Putting emphasis on a weak beat is called "syncopation".

That was a great song, thanks.
posted by thelonius at 4:31 AM on May 1, 2014

There are several songs where I experience exactly what you are talking about.

But in this case I thought that her first two notes were pickups. After The vocal entrance it still seems to me that 1 is on the highest note of the guitar riff. She is fighting the beat a little I think.
posted by bunderful at 4:35 AM on May 1, 2014 [1 favorite]

I guess my first question is: is it just me who hears this?

No, I hear it too. I first heard this song a couple years ago and I listen to it a lot and I've always heard the thing you're describing and wondering if it was just me.
posted by FAMOUS MONSTER at 5:39 AM on May 1, 2014

Yes, the vocals come in early on the first 2 lines, cutting into the end of the previous bar. I think the intention is for the song to start in a slightly chaotic way before settling into the normal rhythm.
posted by w0mbat at 7:09 AM on May 1, 2014

There are a few names for this, but the most common I've heard is "metric fakeout" - here's a reddit thread talking about it and linking to several examples.

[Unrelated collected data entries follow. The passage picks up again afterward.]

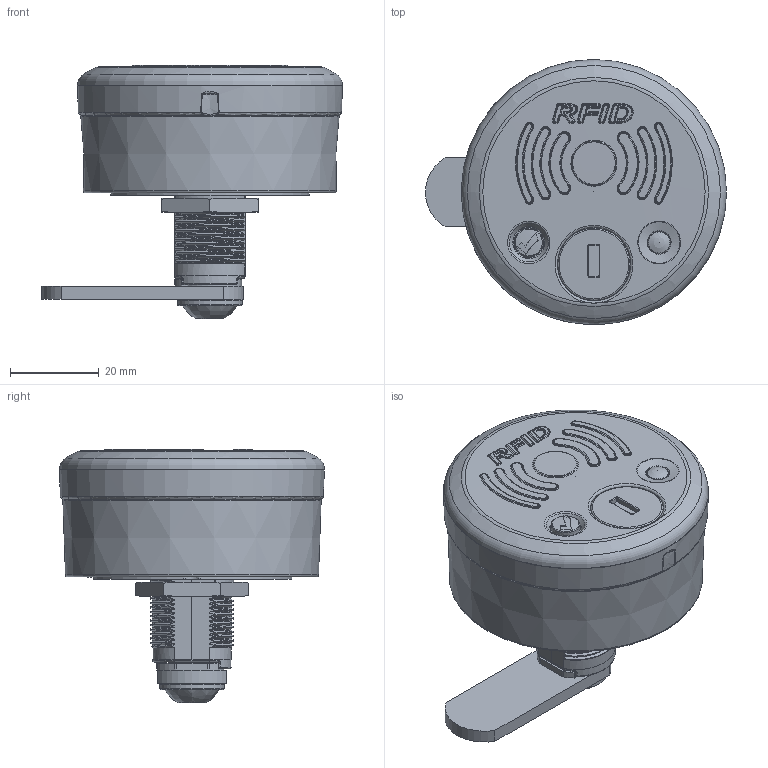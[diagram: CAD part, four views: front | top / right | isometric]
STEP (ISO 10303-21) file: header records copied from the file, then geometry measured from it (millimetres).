
FILE_DESCRIPTION(/* description */ (''),/* implementation_level */ '2;1');
FILE_NAME(/* name */ 'A1905-RFID-3D-Kunden.stp',/* time_stamp */ '2023-03-10T10:11:32+01:00',/* author */ (''),/* organization */ (''),/* preprocessor_version */ 'ST-DEVELOPER v16.7',/* originating_system */ 'SIEMENS PLM Software NX 12.0',/* authorisation */ '');
FILE_SCHEMA (('AUTOMOTIVE_DESIGN { 1 0 10303 214 3 1 1 1 }'));
Length unit declared in the file: millimetre
Products named in the file (1): Karl2F908782arl7
Bounding box: 67.91 x 59.81 x 57.22 mm (x, y, z)
Volume: 82369.1 mm3; surface area: 19225.1 mm2
Topology: 5 solids, 26 shells, 1439 faces, 3649 edges, 2250 vertices
Faces by surface type: bspline 418, cylinder 385, plane 328, torus 160, cone 76, sphere 44, extrusion 16, revolution 12
Full cylindrical faces by diameter (mm): 1 x1, 2 x2, 5 x1, 14.5 x2
Entity records: 70052 total; most frequent: CARTESIAN_POINT 32758, ORIENTED_EDGE 6888, DIRECTION 5465, EDGE_CURVE 3444, AXIS2_PLACEMENT_3D 2230, VERTEX_POINT 2191, EDGE_LOOP 1576, ADVANCED_FACE 1438

It's been a device for quite a while in popular music - for instance, Zeppelin's Misty Mountain Hop did it in 1971. I'm sure there are earlier examples. Basically what's going on is that something - usually a guitar or a keyboard part - implies that the beginning of the bar is slightly earlier or later than it actually is by emphasising an offbeat. When the vocals or drums enter the actual downbeat is revealed and your brain does a little stumble and recalculation.

The most extreme example I know of this is the song Videotape from the Radiohead album In Rainbows - the album version never actually has a 'reveal', but you can hear from early performances that the piano chords were originally on the offbeat and the whole thing was heavily syncopated.
posted by spielzebub at 7:55 AM on May 1, 2014 [1 favorite]

I should add - as people have said earlier, there's no "right" or "wrong" way to hear a song, but to me the interpretation that makes the most sense is that the vocals and drums for the first thirty seconds are on the beat, and the bass riff is on the offbeat.

It's impossible to tell what the band originally intended to convey in terms of rhythm - even if you tracked them down and asked them, they might have conflicting answers, or even lie - but since you can fit the whole thing into a regular meter if you assume that bass riff is offbeat, that makes the most sense to me, so that's how I choose to hear it.
posted by spielzebub at 8:18 AM on May 1, 2014

The way I hear it, it just has a really wide pocket at the start. It's intentionally loose feeling. That can bother some people and others might not even notice it, but it's intentional so that when it resolves back into a tighter pocket you feel better and into the groove.
posted by cmm at 8:26 AM on May 1, 2014

Madonna's Candy Perfume Girl does this.
posted by sixswitch at 7:59 PM on May 1, 2014

The first song that really messed with my mind this way was Spirits In The Material World (30+ years ago, geez). Especially at the transition to the first chorus. I'm still not totally sure what's happening. The kick drum in the verse is on the "and" of beats 2 and 4, and my mind wants so badly to feel that kick drum as a downbeat. Then it somehow turns into a straight rock beat for the chorus.
posted by thelonius at 4:08 AM on May 2, 2014

thelonius - the kick's on the 2 and 4 in the verse and the synth strings are on the offbeats (the 'ands'). Lots of reggae has weird syncopation like this - chords on the offbeats is more common in ska, but the feel originated in reggae, which was a major influence for The Police.
posted by spielzebub at 5:36 AM on May 2, 2014 [1 favorite]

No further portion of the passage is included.